Что вас держит на Германке?
и совсем низашло ?
Купе вагона СВ пахло свежим бельем и предвкушением Геленджика. Остап пытался поймать ускользающее чувство отдыха, но что то мешало. А мешал ему пронзительный взгляд Некоти, который она не отрывала от его лица уже минут десять.
- Вся их беда - начал он - в безволии. «Униженные и оскорбленные» - это мазохистский парад тех, кто предпочел страдать, вместо того чтобы сжать зубы и вырваться. Наташа могла уехать, Ихменев - заткнуться. Князь - подлец, а они - добровольные жертвы. Жалеть их?
Некотя сидела напротив поджав босые ноги. Она перевела взгляд в темное окно где мелькали редкие огни - будто проверяла свою мысль на прочность.
- Ты путаешь следствие с причиной, Ося - сказала она наконец , не оборачиваясь. - Ты видишь слабость в том, кто упал под колесо и говоришь - «Сам виноват, что не отпрыгнул!» А Федор Михайлович показывает само колесо. И холодный металл его спиц. Наташа не выбирала страдать. Она выбрала любить. А в мире, где любовь - уязвимость, а не сила, это приговор. Князь не просто подлец. Он - идеальный продукт этого мира - для него люди - инструменты, чувства - валюта. Ихменев оскорблен не в своем мелком тщеславии. Он оскорблен в самой основе - в вере, что слова «честь» и «долг» еще что то значат. Их ломает не их характер. Их ломает столкновение с реальностью, в которой их внутренние правила - лишь наивный бред. Она повернулась к нему, в ее глазах была усталость. - Вопрос не в том жалеть ли их. Вопрос в том, видишь ли ты в их падении - свою возможную судьбу. Или ты уверен, что твоя крутая одежда и твой дорогой виски - это настолько надежная броня, что колесо тебя не заденет? Слова повисли в воздухе - тяжелые и неразрешимые. Кто прав? Тот, кто видит в трагедии личную ответственность, или тот, кто видит в ней жертву системы? Оба взгляда как острые лезвия отрезающие часть правды. Молчание стало невыносимым и тут Остап схватил Некотю за запястье пытаясь перевести разговор в иную плоскость, где он сильнее. Он наклонился вперед, сокращая расстояние между ними.
- А кто подставляет щеку под пощечину? Кто сам идет в ту яму, зная, что она там? Это ……. наслаждение, Некоть. Наслаждение своей болью. Им нравится быть жертвами и жалеть их - значит потакать этой извращенной игре. Разговор оборвался. Она, не выдержав накала, взяла его руку и прижала ладонь к себе поверх тонкого хлопка шорт. Взгляд был прямым, без слов. Он понял. Его пальцы скользнули под резинку, нашли уже влажную теплоту и упругий бугорок. Он начал водить подушечкой пальца - сначала медленно, наблюдая, как ее глаза темнеют, а дыхание становится глубже. Она закинула голову на подушку, позволив на несколько минут унестись этим медленным, нарастающим вихрем. Но когда волна начала подступать слишком близко, ее рука вдруг сжала его запястье, останавливая.

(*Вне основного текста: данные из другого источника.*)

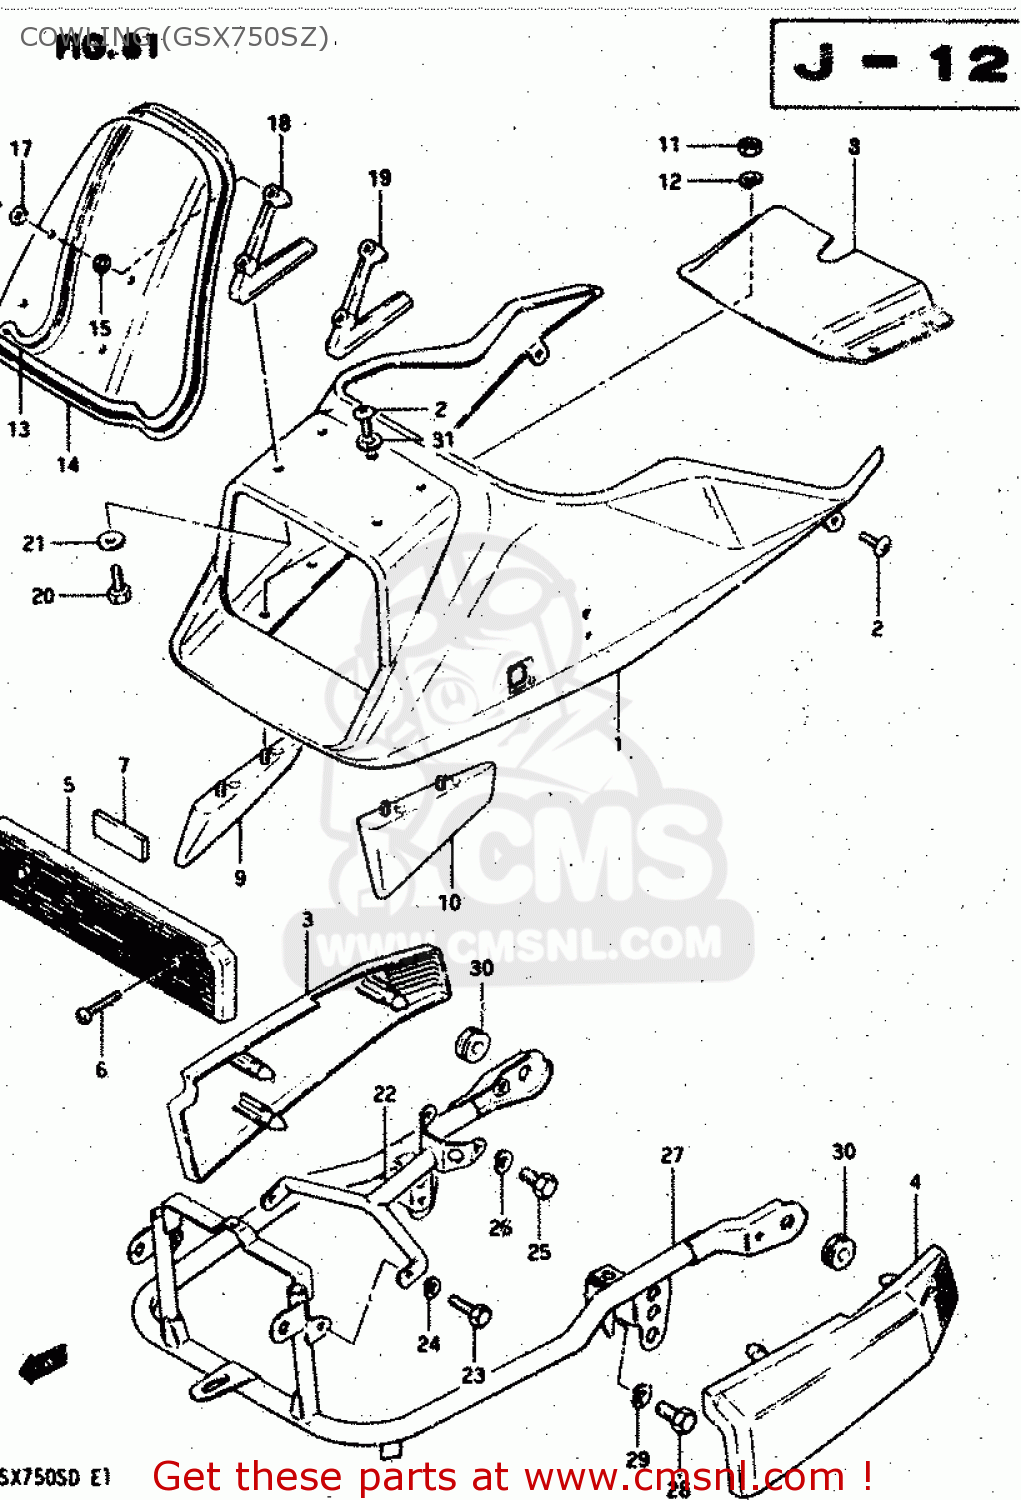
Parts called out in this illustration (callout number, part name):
1	BODY, COWLING (BLACK/RED)
2	SCREW 6X12
3	COVER, RH (RED)
4	COVER, LH (RED)
5	COVER,COWLING LOWER
6	SCREW
7	CUSHION
8	COVER,COWLING LOWER FR
9	WING,COWLING RH
10	WING,COWLING LH
11	NUT
12	LOCK WASHER
13	WINDOW,COWLING
14	MOLD,COWLING
15	CUSHION
16	SCREW
17	WASHER(5.2X11X1)
18	BRACE,COWLING WINDOW RH
19	BRACE,COWLING WINDOW LH
20	BOLT
21	WASHER(6.5X16X1.2)
22	BRACKET,COWLING UPPER
23	BOLT, UPPER
24	LOCK WASHER
25	BOLT 8X12
26	LOCK WASHER
27	BRACE,COWLING RR
28	BOLT
29	LOCK WASHER
30	CUSHION
31	WASHER

- Хватит - выдохнула она, почти шепотом. - Не сейчас. Потом. Вместе. Он кивнул не спрашивая, понимающе. Его пальцы скользнули глубже, вводя в нее сначала один, потом два, проверяя готовность. Она резко выдохнула, ее бедра приподнялись навстречу. Он сбросил с себя одежду, стянул с нее шорты и трусы. Вход был легким, влажным. Он вошел медленно, давая ей привыкнуть.

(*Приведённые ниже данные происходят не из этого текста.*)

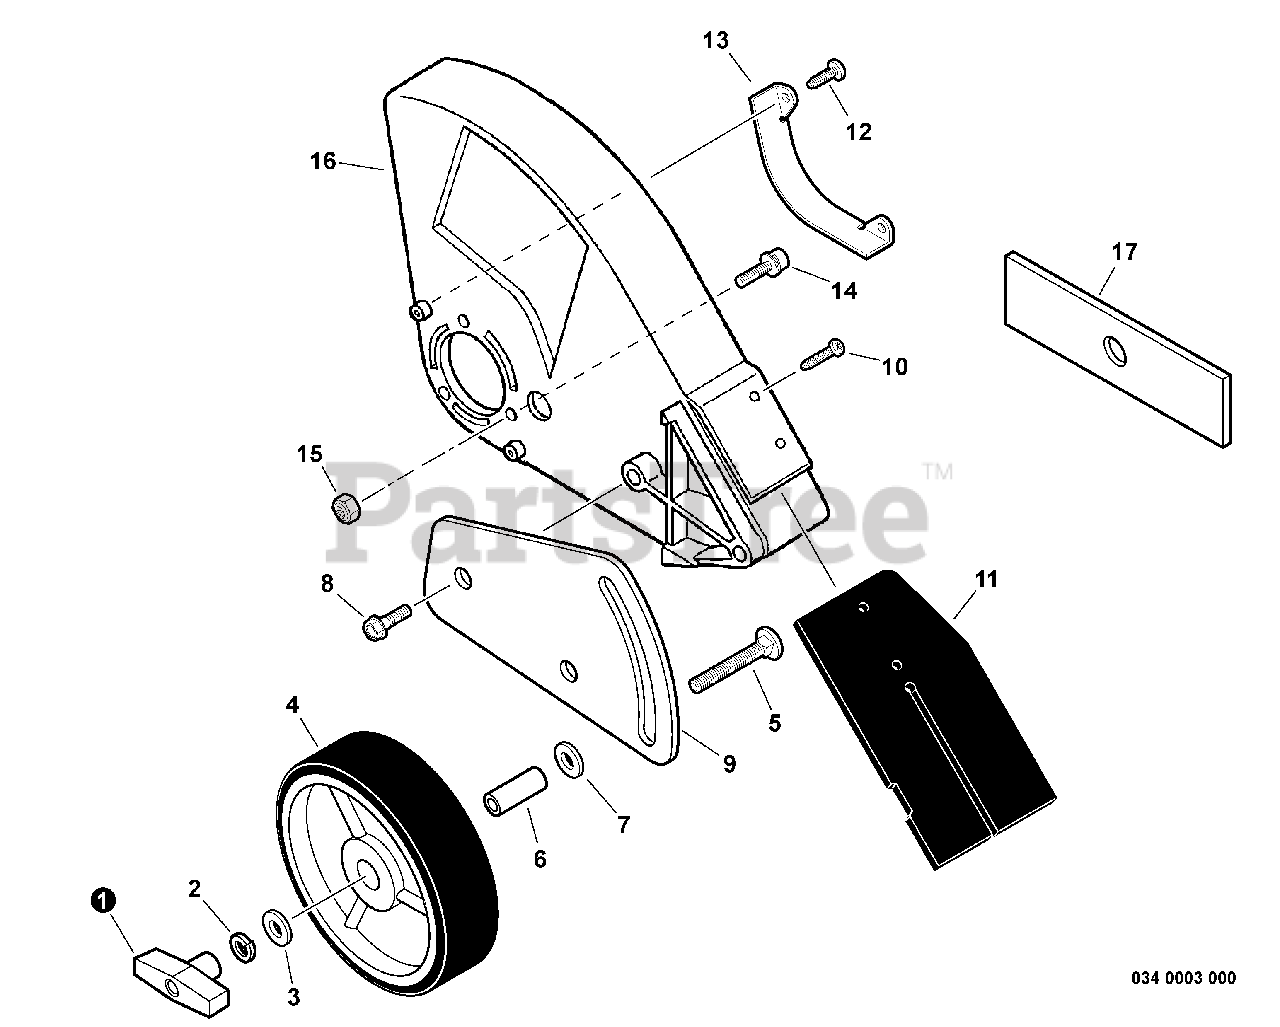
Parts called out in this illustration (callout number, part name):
1	KNOB, FASTENER
2	WASHER, SPRING 8
4	WHEEL
5	BOLT 5/16"-18×2-1/2"
6	COLLAR 12
7	WASHER, SPRING 10
9	BRACKET, WHEEL
11	FLAP, DEBRIS
13	GUARD, SHIELD
14	BOLT 5×22
15	NUT, LOCK M5
16	SHIELD, DEBRIS
17	BLADE - 2 PK
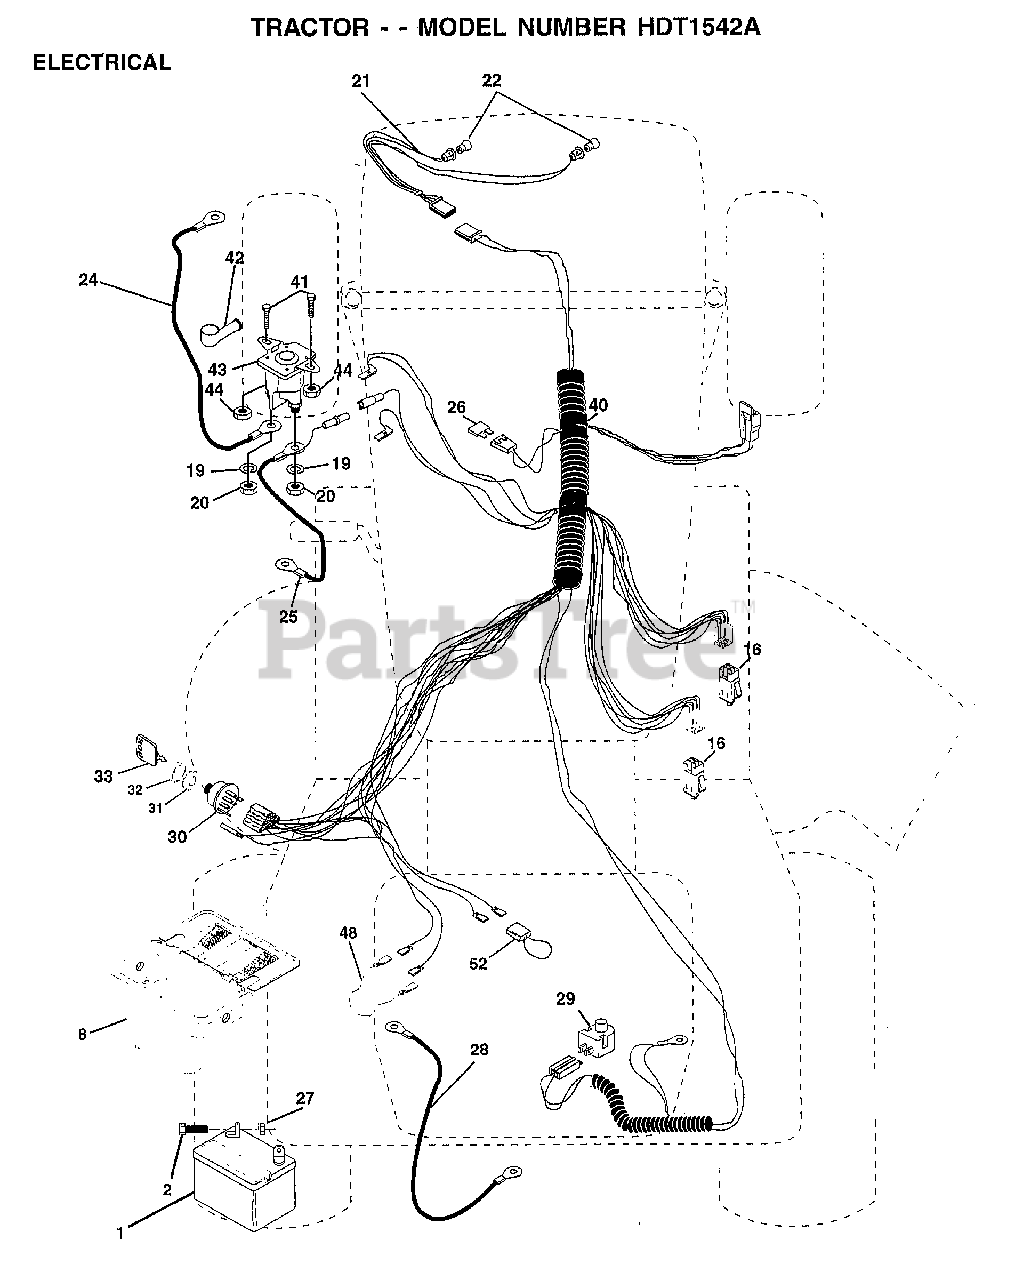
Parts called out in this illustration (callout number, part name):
2	BOLT LT
8	"CASE,BATTERY.MECH"
16	SWITCH INTERLOCK
20	NUT
21	HARNESS.ASM.LIGHT W/4152J
22	HEADLAMP BULB
24	CABLE ASM.
25	CABLE.BTRY.6GA.RD
26	FUSE.15 AMP
27	NUT
28	CABLE T
29	SWITCH SEAT
30	SWITCH IGN 4POS
31	NUT IGNITION
32	COVER KEY SWITCH
33	KEY
40	HARNESS.IGNITION
41	BOLT HXHD FIN
44	NUT HXKEP 1/4X20
48	ADAPTER AMMETER
52	PROTECTION LOOP

- Теперь? Хрипло спросил он. Она кивнула не в силах вымолвить слово. Он начал двигаться, не спеша, но глубоко, с долгими почти до конца выходами и уверенными точными входами. Ее ноги обвили его поясницу. Она искала его губы, целовала жадно, отрывисто. Ритм нарастал. Тихое хлопанье, их сдавленные стоны. И тогда его рука снова опустилась между их вспотевших тел. Палец нашел клитор теперь набухший и горячий. Круговое движение, точное, в такт толчкам. Это сработало почти мгновенно. Ее тело вздрогнуло, как от удара током. Внутренние мышцы судорожно сжали его, ее крик глухой и сдавленный, утонул в его плече. Конвульсии ее влагалища вытянули из него его собственный финал - он с хрипом вогнал в нее последний, самый глубокий толчок и застыл, чувствуя как его пульсирует внутри нее. Они лежали сплетенные, дыша на одно лицо. Он медленно вышел и на простыне под ней расплылось теплое влажное пятно. Он потянулся, сгреб с пола скомканную футболку и протянул ей. Повернулся на бок, облакотился и посмотрел на нее - Придется стирать, но оно того стоило.